The strong performance of LiDAR for this application points toward it being a viable and powerful alternative to cameras for semantic segmentation and object classification on the edge. Excellent vehicle semantic segmentation results with data from various vision sensors can be achieved with the proposed roadside/trackside perspective in real-time. The preliminary results indicate this method as being a useful tool to detecting vehicles such as train cars or semi-trucks along any roadside in a non-intrusive manner. This is especially useful in rural areas and back roads where there may be no other intelligent transportation systems present. One specific commercial application is for the detection of semi-trucks on small roadways attempting to bypass required weigh stations which are typically located on primary or major traffic routes. The transportability of this system lends itself to deployment and redeployment for this application and can offer states a solution to this growing problem [
67,
68,
69]. Similarly, this system is capable of remote deployment trackside to monitor railroad traffic for verification of payloads. In urban areas, several upgrades could be integrated into the system. Multiple roadside sensor deployments could remotely connect to one another for identifying heavy flow paths of semi-trucks. Additionally, pre-existing intelligent transportation systems could utilize these data for: (1) counting the instances of vehicles of interest for traffic management; (2) estimating the flow of payloads or personnel of interest along a certain route; (3) rerouting traffic to avoid congestion.

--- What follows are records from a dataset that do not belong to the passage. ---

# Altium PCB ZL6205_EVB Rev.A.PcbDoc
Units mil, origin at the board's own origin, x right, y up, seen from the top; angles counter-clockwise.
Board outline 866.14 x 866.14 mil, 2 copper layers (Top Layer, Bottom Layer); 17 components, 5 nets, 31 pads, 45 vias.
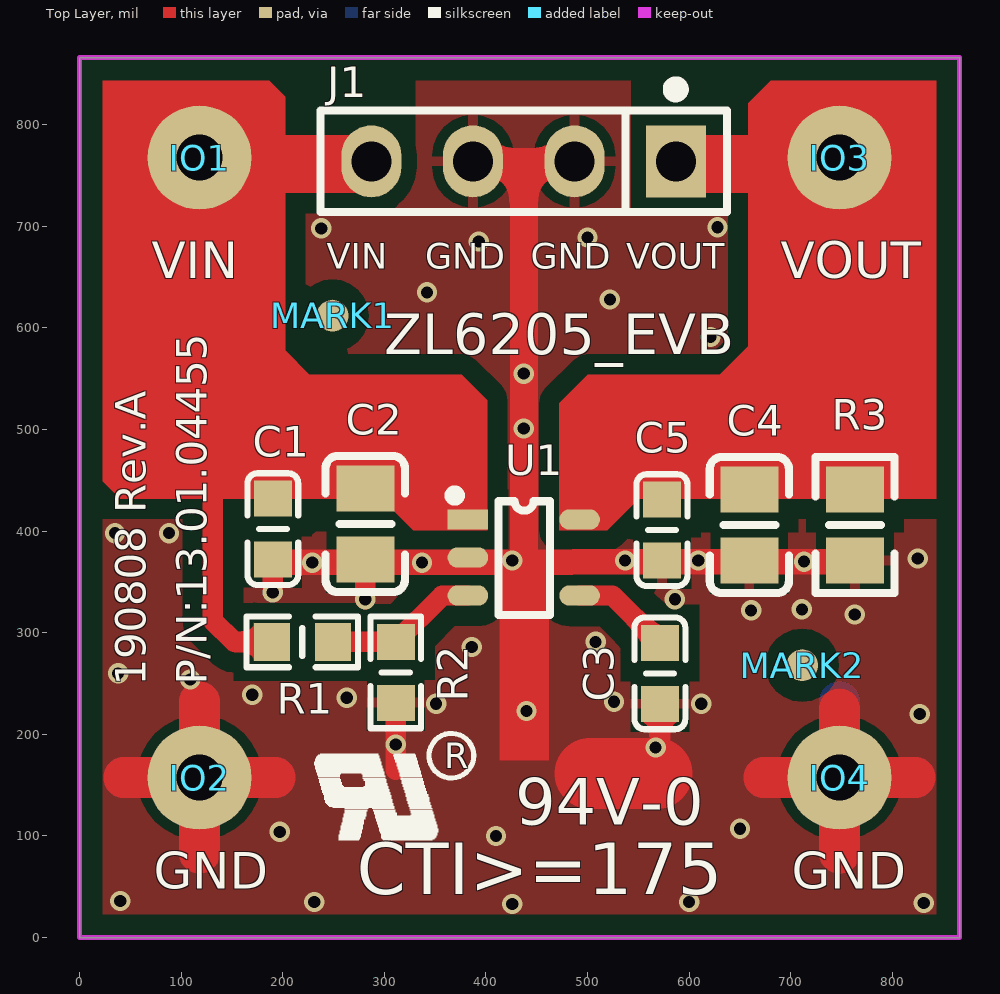
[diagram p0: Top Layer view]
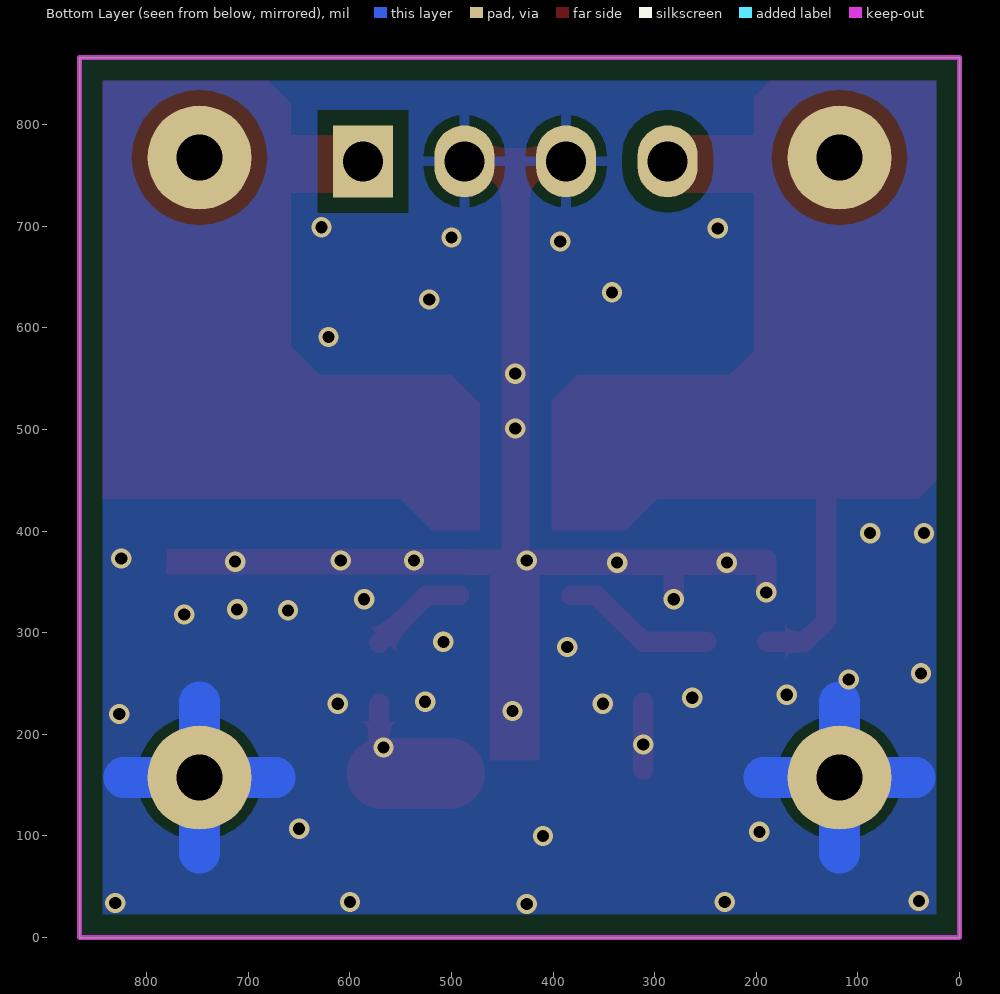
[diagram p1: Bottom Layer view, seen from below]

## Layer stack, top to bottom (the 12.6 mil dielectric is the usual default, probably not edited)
Top Layer: signal copper 1.4
Dielectric: dielectric 12.6, FR-4, Dk 4.8
Bottom Layer: signal copper 1.4

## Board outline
0,0 866.14,0 866.14,866.14 0,866.14

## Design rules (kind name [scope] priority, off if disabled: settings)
Clearance Clearance_INPOLY [inpoly] p1: gap=20
Clearance [All] p2: gap=10
ComponentClearance [All] p1 off: gap=10 collisioncheckmode=3 verticalgap=10 showdistances=FALSE
FabricationTestpoint [(IsPad And (OnTopLayer Or OnBottomLayer))] p1: side=3 testpointundercomponent=TRUE minsize=40 maxsize=100 preferedsize=60 minholesize=0 maxholesize=40 preferedholesize=32 testpointgrid=1 allowsidetop=TRUE allowsidebottom=TRUE usegrid=TRUE gridtolerance=0.01
Height [All] p1 off: minheight=0 maxheight=1000 prefheight=500
MinimumSolderMaskSliver [All] p1 off: minsoldermaskwidth=1
PasteMaskExpansion [All] p1 off: expansion=0
PolygonConnect PolygonConnect_via [isvia] p1: connectstyle=Direct reliefconductorwidth=10 reliefentries=4 polygonreliefangle="90 Angle"
PolygonConnect [All] p2: connectstyle=Relief reliefconductorwidth=10 reliefentries=4 polygonreliefangle="90 Angle"
RoutingVias [All] p1: holewidth=28 width=50 viastyle="Through Hole" minholewidth=15.75 minwidth=31.5 maxholewidth=28 maxwidth=50
SilkToSilkClearance [All] p1 off: silktosilkclearance=10
SilkscreenOverComponentPads [IsPad] p1 off: minsilkscreentomaskgap=0
SolderMaskExpansion [All] p1 off: expansion=4
Width [All] p1: maxlimit=100 minlimit=6 preferedwidth=10
21 further rules are at their usual default settings.

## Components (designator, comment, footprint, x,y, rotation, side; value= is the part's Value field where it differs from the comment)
C1 "0.1uF" 0603C 190.26,402 r270 top
C2 "10uF" 0805C 281.26,407 r270 top
C3 "0.01uF" 0603C 571.26,260 r270 top
C4 "225" 0805C 659.26,406 r270 top
C5 "0.1uF" 0603C 573.26,401 r270 top
IO1 "Φ1.0*16mm,十字引脚" HOLE-1.15X2.6 118.11,767.72 r0 top
IO2 "Φ1.0*16mm,十字引脚" HOLE-1.15X2.6 118.11,157.48 r0 top
IO3 "Φ1.0*16mm,十字引脚" HOLE-1.15X2.6 748.03,767.72 r0 top
IO4 "Φ1.0*16mm,十字引脚" HOLE-1.15X2.6 748.03,157.48 r0 top
J1 "CON4" SIP-4-2.54 437.26,764 r180 top
MARK1 "MARKER" MARKER-C-0.8M 249,612 r90 top
MARK2 "MARKER" MARKER-C-0.8M 711.26,268 r90 top
R1 "51k" 0603R 219.26,291 r180 top
R2 "100k" 0603R 311.26,261 r90 top
R3 "30k,0805" 0805R 763.26,406 r90 top
U1 "ZL6205,SOT-23-5" SOT-23-5 437.26,374 r0 top
UR1 "UR" ZY_UR-3X2 984.26,29 r90 top

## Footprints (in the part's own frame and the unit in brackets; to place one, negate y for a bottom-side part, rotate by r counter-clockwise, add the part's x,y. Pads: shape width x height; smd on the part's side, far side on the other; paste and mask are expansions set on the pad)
0603C [mm]
  rect 0.9x0.95 smd: 1(-0.762,0) 2(0.762,0)
  silkscreen extent -1.4,-0.64 1.4,0.64, body extent -0.79,-0.38 0.81,0.42, height 0.3
0603R [mm]
  rect 0.9x0.95 smd: 1(-0.762,0) 2(0.762,0)
  silkscreen extent -1.4,-0.64 1.4,0.64, body extent -0.8,-0.4 0.8,0.4, height 0.3
0805C [mm]
  rect 1.15x1.45 smd: 1(-0.889,0) 2(0.889,0)
  silkscreen extent -1.7,-0.99 1.7,0.99, body extent -1,-0.63 1,0.63, height 0.78
0805R [mm]
  rect 1.15x1.45 smd: 1(-0.889,0) 2(0.889,0)
  silkscreen extent -1.7,-0.99 1.7,0.99, body extent -1,-0.63 1,0.63, height 0.78
HOLE-1.15X2.6 [mm]
  round 2.6 hole 1.15: 1(0,0)
MARKER-C-0.8M [mm]
  round 0.8 smd paste-1.016 mask+0.4: 0(0,0)
  Top Layer pour cut-out: -0.9,0 -0.831,-0.344 -0.636,-0.636 -0.344,-0.831 0,-0.9 0,-0.9 0.344,-0.831 0.636,-0.636 0.831,-0.344 0.9,0 0.9,0 0.831,0.344 0.636,0.636 0.344,0.831 0,0.9 0,0.9 -0.344,0.831 -0.636,0.636 -0.831,0.344 -0.9,0
SIP-4-2.54 [mm]
  rect 1.5x1.8 hole 1: 1(-3.81,0)
  oval 1.5x1.8 hole 1: 2(-1.27,0) 3(1.27,0) 4(3.81,0)
  silkscreen extent -5.08,-1.92 5.08,1.27, body extent -5.08,-1.27 5.08,1.27, height 7.58
SOT-23-5 [mil]
  rect 40x20 smd: 1(-55,37.4)
  oval 40x20 smd: 2(-55,0) 3(-55,-37.4) 4(55,-37.4) 5(55,37.4)
  silkscreen extent -73,-57 26,66, body extent -55,-57 55,57, height 43
ZY_UR-3X2 [mil]
  silkscreen extent -67,-40 90,65

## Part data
C1 C5: library part 02.01.00015, "C1608X7R1H104KT000N,0603,TDK,0.1uF,X7R,±10%,50V,"
C2: library part 02.01.00174, "GRM21BR61A106KE19L,0805,MURATA,10uF,X5R,±10%,10V,"
C3: library part 02.01.00364, "GCM188R71H103KA15D,103,±10%,50V,X7R,0603,MURATA,"
C4: library part 02.01.00194, "C2012X7R1C225KT000N,0805,TDK,2.2uF,X7R,±10%,16V,"
IO1 IO2 IO3 IO4: library part 24.05.00031, "Φ1.0*16mm,十字引脚,黄铜,"
J1: "Connector"
R1: library part 01.01.00073, "RTT035102DTP,0603,RALEC,51KΩ,±0.5%,1/10W,"
R2: library part 01.01.00031, "RTT03104JTP,0603,RALEC,100KΩ,±5%,1/10W,"
R3: library part 01.01.00305, "RTT05303JTP,0805,RALEC,30KΩ,±5%,1/8W,"
U1: library part ZL6205

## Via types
v1: diameter 20, hole 12, Top Layer to Bottom Layer, tented both sides, 45 vias

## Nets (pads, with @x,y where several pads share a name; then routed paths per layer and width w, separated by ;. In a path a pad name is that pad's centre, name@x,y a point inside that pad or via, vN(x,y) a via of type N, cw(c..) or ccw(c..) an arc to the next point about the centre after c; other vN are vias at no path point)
GND: C1.2 C2.2 C3.2 C4.2 C5.2 IO2.1 IO4.1 J1.2 J1.3 R2.1 R3.1 U1.2 | length 1951.1
  Top Layer w20: v1(190.26,339.7) C1.2 ; v1(281.26,333) C2.2 ; 311.26,165.28 R2.1 ; 502.26,161.28 503.26,162.28 502.26,163.28 ; 571.26,164.28 C3.2
  Top Layer w27.56: J1.3 388.26,763 437.26,763 ; 437.26,376 437.26,763 ; J1.2 486.26,763 437.26,763
  Top Layer w40: 43.7,157.48 IO2.1 ; 118.11,83.07 IO2.1 ; 118.11,231.89 IO2.1 ; 192.52,157.48 IO2.1 ; 673.62,157.48 IO4.1 ; 748.03,83.07 IO4.1 ; 748.03,225 IO4.1 ; 822.44,157.48 IO4.1
  Top Layer w50: IO2.1@117.26,164 IO2.1@119.98,161.28 ; 568.26,161.28 571.26,164.28
  Top Layer w70: 502.26,161.28 568.26,161.28
  Bottom Layer w40: 43.7,157.48 IO2.1 ; 118.11,83.07 IO2.1 ; 118.11,231.89 IO2.1 ; 192.52,157.48 IO2.1 ; 673.62,157.48 IO4.1 ; 748.03,83.07 IO4.1 ; 748.03,231.89 IO4.1 ; 822.44,157.48 IO4.1
  other v1: 426,33 831,34 231,35 600,35 40,36 410,100 197,104 650,107 567,187 311.26,190 827,220 440,223 351,230 612,230 526,232 263,236 170,239 109,254 38,260 386,286 508,291 763,318 661,322 711,323 586,333 229,369 337,369 713,370 426,371 537,371 609,371 825,373 35,398 88,398 437.26,501 437.26,555 621,591 522,628 342,635 393,685 500,689 238,698 628,699
NetC3_1: C3.1 U1.4 | length 98.3
  Top Layer w20: U1.4 524.66,336.6 C3.1
NetR1_1: R1.1 R2.2 U1.3 | length 151.9
  Top Layer w20: R1.1 R2.2 356.86,336.6 U1.3
VCC: C1.1 C2.1 IO1.1 J1.4 R1.2 U1.1 | length 201.8
  Top Layer w20: 136.26,445 131.26,440 131.26,312 152.26,291 R1.2
VOUT: C4.1 C5.1 IO3.1 J1.1 R3.2 U1.5 | length 97.1
  Top Layer w20: C4.1@672.26,454 762.26,454 R3.2@767.26,449
pads on no net: MARK1.0 MARK2.0

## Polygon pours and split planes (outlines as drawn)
GND on Bottom Layer "GND" (solid, remove dead copper, pour order 0): 0,866.14 866.14,866.14 866.14,0 0,0
GND on Top Layer "GND" (solid, remove dead copper, pour order 2): 0,866.14 866.14,866.14 866.14,0 0,0

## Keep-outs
Keep-Out Layer:
  lines w5: 0,0 0,866.14 866.14,866.14 866.14,0 0,0
  lines w10: -3625.74,2154.4 cw(c-3597.44,2182.7) -3625.74,2211 -3013.74,2211 cw(c-3042.54,2183.2) -3014.74,2154.4 -3625.74,2154.4 ; -3625.74,3020.54 cw(c-3597.44,3048.84) -3625.74,3077.14 -3013.74,3077.14 cw(c-3042.54,3049.34) -3014.74,3020.54 -3625.74,3020.54 ; -3625.74,3886.69 cw(c-3597.44,3914.98) -3625.74,3943.28 -3013.74,3943.28 cw(c-3042.54,3915.48) -3014.74,3886.68 -3625.74,3886.69

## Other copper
Top Layer:
  rectangle net VOUT: 587.26,733 696.26,790
  rectangle net VCC: 188.26,733 297.26,790
  rectangle net GND: 413.26,174 462.26,364
  pour cut-out: 542.73,814.43 542.73,864 572,864 572,814.43
  pour cut-out: 330.81,780.22 330.81,847 308,847 308,780.22
  pour cut-out: 101,411.61 -34,411.61 -34,446 101,446
  pour cut-out: 811.8,412.73 811.8,449 861,449 861,412.73
  region net VOUT: 519.26,401 550.26,432 843.2,432 843.2,843.2 680.2,843.2 658.26,821.26 658.26,582 630.26,554 500.26,554 472.26,526 472.26,401
  region net VCC: 401.26,401 401.26,465 391.26,475 208.26,475 208.26,432 297.26,432 328.26,401
  region net GND: 779.83,382.66 780.56,357.67 190.26,356.47 190.26,381.42
  region net VCC: 40,432 22.94,449.06 22.94,843.2 186.8,843.2 202.26,827.74 202.26,741 202.26,578 226.26,554 376.26,554 401.26,529 401.26,465 368.26,432

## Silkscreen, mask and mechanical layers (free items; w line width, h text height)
Top Overlay:
  drawing of 201 lines, arcs and shapes, not listed
  text "VIN" at 243.26,658 h25
  text "GND" at 340.26,658 h25
  text "GND" at 444.26,658 h25
  text "VOUT" at 538.26,658 h25
  text "VIN" at 71,649 h36
  text "VOUT" at 690,649 h36
  text "ZL6205_EVB" at 300,574 h40
  text "P/N:13.01.04455" at 125,249 h30 r90
  text "190808 Rev.A" at 65,248 h30 r90
  text "R" at 359,166.5 h25
  text "94V-0" at 429,111 h46
  text "GND" at 73,48 h36
  text "GND" at 701,48 h36
  text "CTI>=175" at 273,26 h86.61
  text "生产用进板方向，PCB厂忽略" at 2886.57,-174.72 h50
Mechanical 1:
  lines w2: 852.14,-32 866.14,-18 ; 866.14,-89 866.14,-18 ; 880.14,-32 866.14,-18 ; 1718.28,-32 1732.28,-18 ; 1732.28,-89 1732.28,-18 ; 1746.28,-32 1732.28,-18 ; 2584.43,-32 2598.43,-18 ; 2598.43,-89 2598.43,-18 ; 2612.43,-32 2598.43,-18 ; 3496.57,852.14 3482.57,866.14 ; 3496.57,880.14 3482.57,866.14 ; 3496.57,1718.28 3482.57,1732.28 ; 3496.57,1746.28 3482.57,1732.28 ; 3553.57,866.14 3482.57,866.14 ; 3553.57,1732.28 3482.57,1732.28 ; 0,1732.28 866.14,1732.28 ; 0,1732.28 0,2598.43 866.14,2598.43 ; 0,1732.28 866.14,1732.28 ; 0,1732.28 0,866.14 866.14,866.14 ; 866.14,866.14 1732.28,866.14 ; 866.14,866.14 866.14,1732.28 ; 866.14,866.14 866.14,1732.28 ; 866.14,866.14 866.14,0 1732.28,0 ; 866.14,866.14 1732.28,866.14 ; 866.14,1732.28 1732.28,1732.28 ; 866.14,1732.28 866.14,2598.43 ; 866.14,1732.28 866.14,2598.43 ; 866.14,1732.28 1732.28,1732.28 ; 866.14,2598.43 1732.28,2598.43 ; 1732.28,0 2598.43,0 ; 1732.28,0 1732.28,866.14 ; 1732.28,0 1732.28,866.14 ; 1732.28,866.14 2598.43,866.14 ; 1732.28,866.14 1732.28,1732.28 ; 1732.28,866.14 1732.28,1732.28 ; 1732.28,866.14 2598.43,866.14 ; 1732.28,1732.28 2598.43,1732.28 ; 1732.28,1732.28 1732.28,2598.43 ; 1732.28,1732.28 1732.28,2598.43 ; 1732.28,1732.28 2598.43,1732.28 ; 1732.28,2598.43 2598.43,2598.43 ; 2598.43,0 3464.57,0 3464.57,866.14 ; 2598.43,0 2598.43,866.14 ; 2598.43,0 2598.43,866.14 ; 2598.43,866.14 3464.57,866.14 ; 2598.43,866.14 2598.43,1732.28 ; 2598.43,866.14 3464.57,866.14 ; 2598.43,866.14 2598.43,1732.28 ; 2598.43,1732.28 3464.57,1732.28 ; 2598.43,1732.28 2598.43,2598.43 ; 2598.43,1732.28 3464.57,1732.28 ; 2598.43,1732.28 2598.43,2598.43 ; 2598.43,2598.43 3464.57,2598.43 3464.57,1732.28 ; 3464.57,866.14 3464.57,1732.28
  lines w5: 0,0 866.14,0 866.14,866.14 0,866.14 0,0
  text "F" at 402,2015.28 h200
  text "F" at 1268.14,2015.28 h200
  text "F" at 2134.28,2015.28 h200
  text "F" at 3000.43,2015.28 h200
  text "VCUT" at 3557.57,1723.28 h20
  text "F" at 402,1149.14 h200
  text "F" at 1268.14,1149.14 h200
  text "F" at 2134.28,1149.14 h200
  text "F" at 3000.43,1149.14 h200
  text "VCUT" at 3557.57,857.14 h20
  text "F" at 402,283 h200
  text "F" at 1268.14,283 h200
  text "F" at 2134.28,283 h200
  text "F" at 3000.43,283 h200
  text "VCUT" at 857.14,-93 h20 r270
  text "VCUT" at 1723.28,-93 h20 r270
  text "VCUT" at 2589.43,-93 h20 r270
Mechanical 2:
  drawing of 637 lines, arcs and shapes, not listed
  text "PCB加工工艺要求" at 5685,4410 h280
  text "mm x" at 4882,4224 h100
  text "mm" at 5492,4224 h100
  text "88" at 4547,4215 h100
  text "66" at 5157,4215 h100
  text "IPC-600E   IPC-6011/12" at 6650,4214 h100
  text "IPC-Ⅱ" at 7985,4213 h100
  text "IPC-Ⅲ" at 8485,4213 h100
  text "尺寸" at 3993.7,4196.14 h150
  text "验收标准" at 5993.7,4196.14 h150
  text "FR4 TG140" at 4700,4014 h100
  text "FR4 TG170" at 5600,4014 h100
  text "生益有胶材料" at 6500,4014 h100
  text "MEGTRON6" at 7400,4014 h100
  text "其他：" at 8300,4014 h100
  text "板材" at 3992.27,3995.93 h150
  text "单面" at 4700,3814 h100
  text "2" at 5400,3814 h100
  text "4" at 6100,3814 h100
  text "6" at 6800,3814 h100
  text "8" at 7500,3814 h100
  text "10" at 8200,3814 h100
  text "板层" at 3992.27,3795.71 h150
  text "0.4mm" at 4700,3614 h100
  text "0.6mm" at 5250,3614 h100
  text "0.8mm" at 5800,3614 h100
  text "1.0mm" at 6350,3614 h100
  text "1.2mm" at 6900,3614 h100
  text "1.4mm" at 7450,3614 h100
  text "1.6mm" at 8000,3614 h100
  text "1.8mm" at 8550,3614 h100
  text "2.0mm" at 9100,3614 h100
  text "板厚" at 3992.27,3595.5 h150
  text "1/2OZ" at 5930,3414 h100
  text "1OZ" at 6430,3414 h100
  text "2OZ" at 6930,3414 h100
  text "（完成铜厚）" at 4933.3,3401.25 h130
  text "外层" at 4657.05,3395 h150
  text "铜厚" at 3992.13,3393.71 h150
  text "白色" at 5150,3214 h100
  text "其他：" at 5850,3214 h100
  text "丝印颜色" at 3992.13,3194.5 h150
  text "绿色" at 5150,3014 h100
  text "黑色" at 5850,3014 h100
  text "红色" at 6550,3014 h100
  text "蓝色" at 7250,3014 h100
  text "黄色" at 7950,3014 h100
  text "其他：" at 8650,3014 h100
  text "（亮光）" at 4532.5,3001.4 h130
  text "阻焊颜色" at 3992.13,2994.29 h150
  text "沉镍金" at 5150,2814 h100
  text "无铅喷锡" at 5850,2814 h100
  text "电镀镍金" at 6550,2814 h100
  text "电镀软金" at 7250,2814 h100
  text "化学沉锡" at 7950,2814 h100
  text "光板" at 8650,2814 h100
  text "OSP" at 9170,2814 h100
  text "表面处理工艺" at 3992.13,2793.07 h150
  text "无" at 5150,2615 h100
  text "按键镀硬金" at 5570,2615 h100
  text "金手指" at 6290,2615 h100
  text "半孔工艺" at 6980,2615 h100
  text "FPCB补强" at 7670,2615 h100
  text "树脂塞孔" at 8360,2615 h100
  text "电镀填孔" at 9050,2615 h100
  text "特殊工艺" at 3992.13,2593.86 h150
  text "是，但双面开窗除外" at 5150,2414 h100
  text "否" at 6295,2414 h100
  text "按文件" at 6995,2414 h100
  text "是否阻焊塞孔" at 3992.27,2393.21 h150
  text "非拼板" at 5150,2214 h100
  text "拼板" at 5850,2214 h100
  text "分成单板交货" at 6550,2214 h100
  text "交货方式" at 3992.13,2194 h150
  text "Gerber输出：英制、相对零点、抑制前导零、精度2:5" at 3995,2020 h120
  text "Ver 19.01.16" at 8690,1953 h120
  text "NC Drill输出：英制、相对零点、抑制前导零、精度2:4" at 3995,1880 h120
  text "R" at 9041,1750.5 h25
  text "其他说明" at 3990,1705 h150
  text "94V-0" at 9111,1695 h46
  text "标识样式>>>" at 8250,1640 h120
  text "CTI>=175" at 8955,1610 h86.61
  text "1." at 3965,1570 h120
  text "机械1层(*.GM1)为外形铣边；若存在工艺副边，请在副边上增加分流点" at 4090,1570 h120
  text "2." at 3964.89,1440 h120
  text "请用供应商UL认证号，防火等级，CTI等级，生产周期替换板上的UR标识，且保持其位置、方向一致；" at 4090,1440 h120
  text "禁止添加文件中不存在的元素，包括供应商LOGO、无铅、光学基准点等" at 4090,1310 h120
  text "3." at 3965,1180 h120
  text "若焊盘开窗与丝印油冲突，焊盘处需将丝印油掏开，不允许上盘" at 4090,1180 h120
  text "4." at 3965,1060 h120
  text "若存在V-CUT，无特别说明时，须为双面V-CUT，角度30（+-5°），余量按以下表格执行" at 4090,1060 h120
  text "PCB厚度（mm）" at 4521,885 h120
  text "筋厚" at 4186,870 h120
  text "（余量）" at 4136,750 h120
  text "0.6" at 4521,745 h120
  text "0.8" at 4760.62,745 h120
  text "1" at 5056.92,745 h120
  text "1.2" at 5241,745 h120
  text "1.6" at 5481,745 h120
  text "2" at 5766,745 h120
  text "2.5" at 5960.39,745 h120
  text "3" at 6246,745 h120
  text "0.16" at 4491.14,607.5 h120
  text "0.2" at 4761.14,607.5 h120
  text "0.3" at 5001.14,607.5 h120
  text "0.3" at 5237,607.5 h120
  text "0.4" at 5477.52,607.5 h120
  text "0.5" at 5721.29,607.5 h120
  text "0.5" at 5961.14,607.5 h120
  text "最小值" at 4131,605 h120
  text "0.5" at 6200,605 h120
  text "0.32" at 4491.54,470 h120
  text "0.4" at 4760.85,470 h120
  text "0.45" at 4970.99,470 h120
  text "0.5" at 5236.72,470 h120
  text "0.6" at 5480,470 h120
  text "0.7" at 5721.58,470 h120
  text "0.8" at 5961.31,470 h120
  text "0.8" at 6201.12,470 h120
  text "最大值" at 4131,465 h120
  text "5." at 3965,295 h120
  text "PCB做完后，请高温烘烤进行应力释放，再整平（或重物压板烘烤），防止翘曲" at 4090,295 h120
  text "我司生产使用无铅工艺制程" at 4085,154 h120
  text "6." at 3964,150 h120
  text "7." at 3965,10 h120
  text "未尽事项请参照我司《PCB质量补充协议》" at 4085,10 h120

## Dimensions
0,2598.43 to 0,0 on Mechanical 1
3464.57,2598.43 to 0,2598.43 on Mechanical 1

Future works include increasing the robustness of the roadside detection system. The LiDAR models perform well in a low-light environment, but more challenging, real-world conditions such as heavy rain or snow could be difficult for LiDAR to take accurate readings due to unwanted reflections. Performing sensor fusion between the camera and LiDAR could increase the resilience of the system in these extreme weather situations. This will require restructuring the CNN architecture to accept and correlate multimodal raw data that will be fused together through a multi-channel input. More data with a wider range of weather conditions and locations must be collected and trained on to further strengthen the models. Effort will be made to collect smaller amounts of data at a larger number of data collection sites to enhance the diversity of the system and increase the immediate usability. Finally, the models must be tested with other publicly available datasets such as Cityscapes [
70] to perform a comparison study. Similarly, state-of-the-art models will be tested with the custom dataset in future studies to further evaluate the effectiveness on other models.